Correct me if I'm wrong, but isn't an attribute a property of a tag? I.e. I can't just put 'data-page="1"' in the text of the file (it would be treated as text if I did) but must put something like '<wbr data-page="1">'. Now, I'll grant you that if every page break occurred at the start of a new element (heading, paragraph, etc.), one could simply add that attribute to the appropriate opening element tag, but page breaks often occur in the middle of a paragraph element where there is no existing tag to attach the element to. I would thus need to introduce a tag in those locations. Further, I would argue that for consistency sake it would be better if all page break locations, not just those in the middle of a paragraph were marked by the same element. This makes them easier to find in a human-readable fashion.

In researching the data- attribute (which I hadn't heard of before) I discovered the wordbreak (wbr) tag, which I think is a good candidate for marking page locations (hence my use of it above). It's a void element, and thus doesn't require a companion closing tag (unlike an anchor (a) tag). It is a new tag to HTML5 and is intended for marking line break opportunities in really long words. For both reasons, it should be unlikely to appear in most books. My quick testing shows that it is a tag which is preserved in azw3 and it doesn't affect the viewing of the document.

Of course, that's if the reverse engineering process doesn't pan out. A quick search on amazon found that they do have at least some books for free with real page numbers. Not anything I would normally want to read, but then that isn't the purpose here. I haven't had the chance to "buy" them yet to discover what their file format is (amazon doesn't list the file format in the item description), but hopefully there's enough to find some in azw3 format. I'll start looking for that this weekend, hopefully.

rpspringuel · 02-07-2014, 05:25 PM

So, I got around to checking on those files a bit sooner than I thought I would and found that like the .mobi format (which isn't editable) the .azw3 format (which is) uses the side-along .apnx file to mark page numbers. Further, if you open an .azw3 file to edit it, there is nothing in the file that marks the pagination. Amazon must have some other way of producing the .apnx file. Obviously at some point someone has to match places in the text with the beginnings of pages to produce the .apnx file, but that work is not done in the .azw3 file (or if it is, it's stripped out by amazon before the book ships or by calibre when it opens the book for editing).

So, I think I'm back to my original plan (manually mark the page breaks in the text and then use a modified apnx.py to create the side-along file).

On a related note, I've noticed that apnx.py only works on .mobi formats, not .azw3. So making this work will also involve modifying it to accept a new format.

eschwartz · 02-07-2014, 05:48 PM

According to APNX#Kindle_publishing:

Quote:

KindleGen version 1.2 does not generate an APNX file directly; it creates a PAGE section in the MobiPocket file which is then stripped and converted to an APNX file by Amazon's publishing service.
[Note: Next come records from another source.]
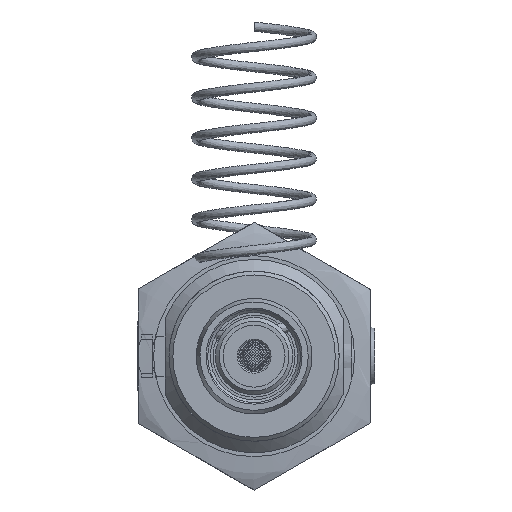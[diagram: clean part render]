
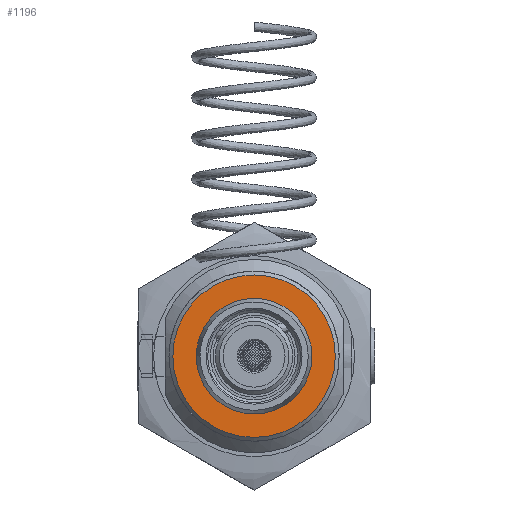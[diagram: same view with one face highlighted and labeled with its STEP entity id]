
A CAD part, left-side view. The second image highlights one B-rep face of the part: STEP entity #1196.
In plain terms, the highlighted planar face has unit normal (-1, 0, 0).
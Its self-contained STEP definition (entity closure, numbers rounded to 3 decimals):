
#1196 = ADVANCED_FACE( '', ( #2855, #2856 ), #2857, .F. );
#2855 = FACE_BOUND( '', #6380, .T. );
#2856 = FACE_OUTER_BOUND( '', #6381, .T. );
#2857 = PLANE( '', #6382 );
#6380 = EDGE_LOOP( '', ( #10352 ) );
#6381 = EDGE_LOOP( '', ( #10353 ) );
#6382 = AXIS2_PLACEMENT_3D( '', #10354, #10355, #10356 );
#10352 = ORIENTED_EDGE( '', *, *, #21332, .T. );
#10353 = ORIENTED_EDGE( '', *, *, #21302, .T. );
#10354 = CARTESIAN_POINT( '', ( -34.198, 0., 10.5 ) );
#10355 = DIRECTION( '', ( 1., 0., 0. ) );
#10356 = DIRECTION( '', ( 0., 0., -1. ) );
#21302 = EDGE_CURVE( '', #25174, #25174, #25175, .T. );
#21332 = EDGE_CURVE( '', #25230, #25230, #25231, .T. );
#25174 = VERTEX_POINT( '', #31751 );
#25175 = CIRCLE( '', #31752, 10.5 );
#25230 = VERTEX_POINT( '', #31989 );
#25231 = CIRCLE( '', #31990, 7.475 );
#31751 = CARTESIAN_POINT( '', ( -34.198, 0., 10.5 ) );
#31752 = AXIS2_PLACEMENT_3D( '', #41917, #41918, #41919 );
#31989 = CARTESIAN_POINT( '', ( -34.198, 0., 7.475 ) );
#31990 = AXIS2_PLACEMENT_3D( '', #41981, #41982, #41983 );
#41917 = CARTESIAN_POINT( '', ( -34.198, 0., 0. ) );
#41918 = DIRECTION( '', ( -1., 0., 0. ) );
#41919 = DIRECTION( '', ( 0., 0., 1. ) );
#41981 = CARTESIAN_POINT( '', ( -34.198, 0., 0. ) );
#41982 = DIRECTION( '', ( 1., 0., 0. ) );
#41983 = DIRECTION( '', ( 0., 0., 1. ) );
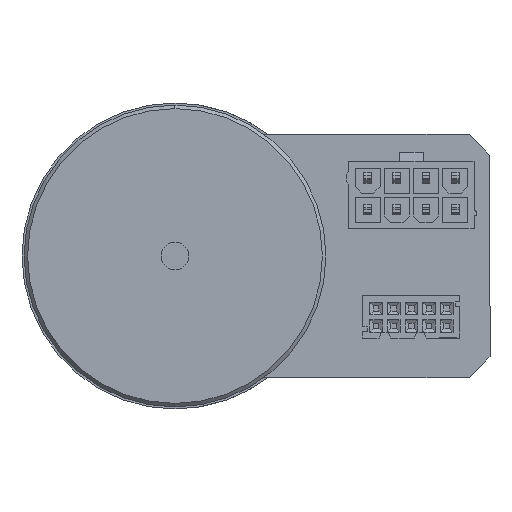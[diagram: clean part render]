
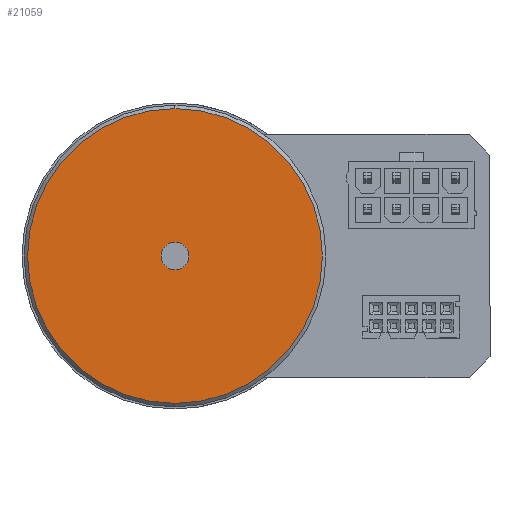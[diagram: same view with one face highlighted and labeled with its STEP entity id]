
A CAD part, left-side view. The second image highlights one B-rep face of the part: STEP entity #21059.
In plain terms, the highlighted planar face has unit normal (-1, 0, 0) as drawn and (1, 0, 0) by its records, which use the part's own axes.
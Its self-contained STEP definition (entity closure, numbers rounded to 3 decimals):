
#2020 = DIRECTION ( 'NONE',  ( -1., 0., 0. ) ) ;
#3350 = ORIENTED_EDGE ( 'NONE', *, *, #34451, .T. ) ;
#3500 = AXIS2_PLACEMENT_3D ( 'NONE', #37949, #16988, #26018 ) ;
#6896 = VERTEX_POINT ( 'NONE', #15407 ) ;
#6957 = CIRCLE ( 'NONE', #16183, 21.2 ) ;
#7754 = DIRECTION ( 'NONE',  ( 1., 0., 0. ) ) ;
#11706 = CARTESIAN_POINT ( 'NONE',  ( 28.4, 0., 0. ) ) ;
#11945 = VERTEX_POINT ( 'NONE', #18711 ) ;
#12191 = CARTESIAN_POINT ( 'NONE',  ( 28.4, 0., 0. ) ) ;
#12234 = EDGE_CURVE ( 'NONE', #6896, #30031, #24516, .T. ) ;
#12447 = EDGE_CURVE ( 'NONE', #22737, #11945, #23105, .T. ) ;
#14680 = FACE_OUTER_BOUND ( 'NONE', #29526, .T. ) ;
#14745 = DIRECTION ( 'NONE',  ( 0., 0., 1. ) ) ;
#15225 = DIRECTION ( 'NONE',  ( 0., 0., 1. ) ) ;
#15407 = CARTESIAN_POINT ( 'NONE',  ( 28.4, 0., 2. ) ) ;
#16183 = AXIS2_PLACEMENT_3D ( 'NONE', #25831, #7754, #28818 ) ;
#16988 = DIRECTION ( 'NONE',  ( -1., 0., 0. ) ) ;
#18711 = CARTESIAN_POINT ( 'NONE',  ( 28.4, 0., -21.2 ) ) ;
#20124 = CARTESIAN_POINT ( 'NONE',  ( 28.4, 0., 0. ) ) ;
#20801 = FACE_BOUND ( 'NONE', #31862, .T. ) ;
#21059 = ADVANCED_FACE ( 'NONE', ( #14680, #20801 ), #23028, .F. ) ;
#21792 = ORIENTED_EDGE ( 'NONE', *, *, #12447, .T. ) ;
#22737 = VERTEX_POINT ( 'NONE', #27520 ) ;
#23028 = PLANE ( 'NONE',  #3500 ) ;
#23105 = CIRCLE ( 'NONE', #30307, 21.2 ) ;
#23145 = DIRECTION ( 'NONE',  ( 0., 0., 1. ) ) ;
#24387 = CIRCLE ( 'NONE', #36283, 2. ) ;
#24516 = CIRCLE ( 'NONE', #33075, 2. ) ;
#25831 = CARTESIAN_POINT ( 'NONE',  ( 28.4, 0., 0. ) ) ;
#26018 = DIRECTION ( 'NONE',  ( 0., 0., 1. ) ) ;
#27520 = CARTESIAN_POINT ( 'NONE',  ( 28.4, 0., 21.2 ) ) ;
#28818 = DIRECTION ( 'NONE',  ( 0., 0., 1. ) ) ;
#29526 = EDGE_LOOP ( 'NONE', ( #21792, #3350 ) ) ;
#30031 = VERTEX_POINT ( 'NONE', #39052 ) ;
#30166 = ORIENTED_EDGE ( 'NONE', *, *, #34659, .T. ) ;
#30307 = AXIS2_PLACEMENT_3D ( 'NONE', #12191, #33226, #15225 ) ;
#31862 = EDGE_LOOP ( 'NONE', ( #35893, #30166 ) ) ;
#32726 = DIRECTION ( 'NONE',  ( -1., 0., 0. ) ) ;
#33075 = AXIS2_PLACEMENT_3D ( 'NONE', #20124, #2020, #23145 ) ;
#33226 = DIRECTION ( 'NONE',  ( 1., 0., 0. ) ) ;
#34451 = EDGE_CURVE ( 'NONE', #11945, #22737, #6957, .T. ) ;
#34659 = EDGE_CURVE ( 'NONE', #30031, #6896, #24387, .T. ) ;
#35893 = ORIENTED_EDGE ( 'NONE', *, *, #12234, .T. ) ;
#36283 = AXIS2_PLACEMENT_3D ( 'NONE', #11706, #32726, #14745 ) ;
#37949 = CARTESIAN_POINT ( 'NONE',  ( 28.4, 21.7, 0. ) ) ;
#39052 = CARTESIAN_POINT ( 'NONE',  ( 28.4, 0., -2. ) ) ;

The KindleGen input can use either a NCX pageList or page-map xml.

kovidgoyal · 02-07-2014, 10:12 PM

You cannot use calibre to check if an azw3 file has page information, since calibre knows nothing about page information in azw3, it will just discard any such data present in the azw3. You would need to dump all records in the azw3 using

calibre-debug file.azw3

or the kindleunpack program then use a hex editor to examine any records that look like they contain page information and reverse engineer them. I'd start with the PAGE record.

However, since amazon appears to strip the PAGE record from books it delivers to devices, it seems likely that the actual Kindles wont use them. SO even if you figure out how to create them, you would then need to modify the apnx generator code in calibre to strip tham and convert them to apnx when sending the azw3 files to the kindle.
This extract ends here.